### Problem description
Would you repeat every entry below word for word but drop the images?

START The data

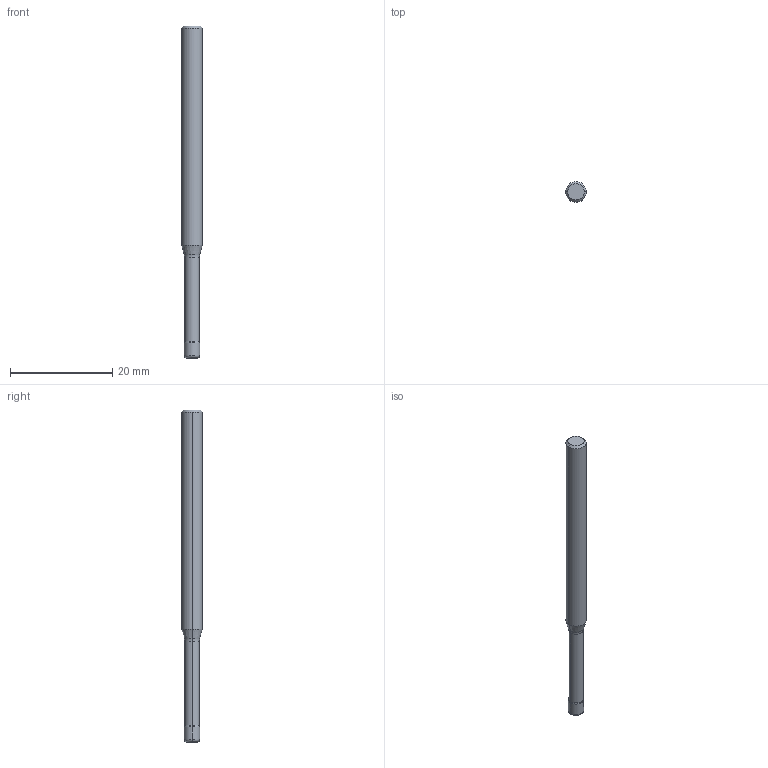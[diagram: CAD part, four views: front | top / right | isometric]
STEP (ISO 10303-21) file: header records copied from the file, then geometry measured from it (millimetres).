
FILE_DESCRIPTION (( 'STEP AP214' ), '1' );
FILE_NAME ('560.304.75_3D-model.step', '2022-02-18T15:55:13', ( '' ), ( '' ), 'SwSTEP 2.0', 'SolidWorks 2020', '' );
FILE_SCHEMA (( 'AUTOMOTIVE_DESIGN' ));
Length unit declared in the file: millimetre
Products named in the file (3): CUT-3D^Baugr54; NOCUT-3D^Baugr54; 560.304.75_3D-model
Assembly tree (2 placements, depth 2):
  560.304.75_3D-model
    CUT-3D^Baugr54
    NOCUT-3D^Baugr54
Bounding box: 4 x 4 x 65 mm (x, y, z)
Volume: 691.2 mm3; surface area: 774.4 mm2
Topology: 2 solids, 2 shells, 20 faces, 36 edges, 20 vertices
Faces by surface type: cylinder 6, cone 6, torus 4, plane 4
Entity records: 610 total; most frequent: DIRECTION 116, CARTESIAN_POINT 84, ORIENTED_EDGE 72, AXIS2_PLACEMENT_3D 52, EDGE_CURVE 36, CIRCLE 24, FACE_OUTER_BOUND 20, ADVANCED_FACE 20

END The data

### Response for this exercise
[diagram: CAD part, four views: front | top / right | isometric]
STEP (ISO 10303-21) file: header records copied from the file, then geometry measured from it (millimetres).
FILE_DESCRIPTION (( 'STEP AP214' ), '1' );
FILE_NAME ('560.304.75_3D-model.step', '2022-02-18T15:55:13', ( '' ), ( '' ), 'SwSTEP 2.0', 'SolidWorks 2020', '' );
FILE_SCHEMA (( 'AUTOMOTIVE_DESIGN' ));
Length unit declared in the file: millimetre
Products named in the file (3): CUT-3D^Baugr54; NOCUT-3D^Baugr54; 560.304.75_3D-model
Assembly tree (2 placements, depth 2):
  560.304.75_3D-model
    CUT-3D^Baugr54
    NOCUT-3D^Baugr54
Bounding box: 4 x 4 x 65 mm (x, y, z)
Volume: 691.2 mm3; surface area: 774.4 mm2
Topology: 2 solids, 2 shells, 20 faces, 36 edges, 20 vertices
Faces by surface type: cylinder 6, cone 6, torus 4, plane 4
Entity records: 610 total; most frequent: DIRECTION 116, CARTESIAN_POINT 84, ORIENTED_EDGE 72, AXIS2_PLACEMENT_3D 52, EDGE_CURVE 36, CIRCLE 24, FACE_OUTER_BOUND 20, ADVANCED_FACE 20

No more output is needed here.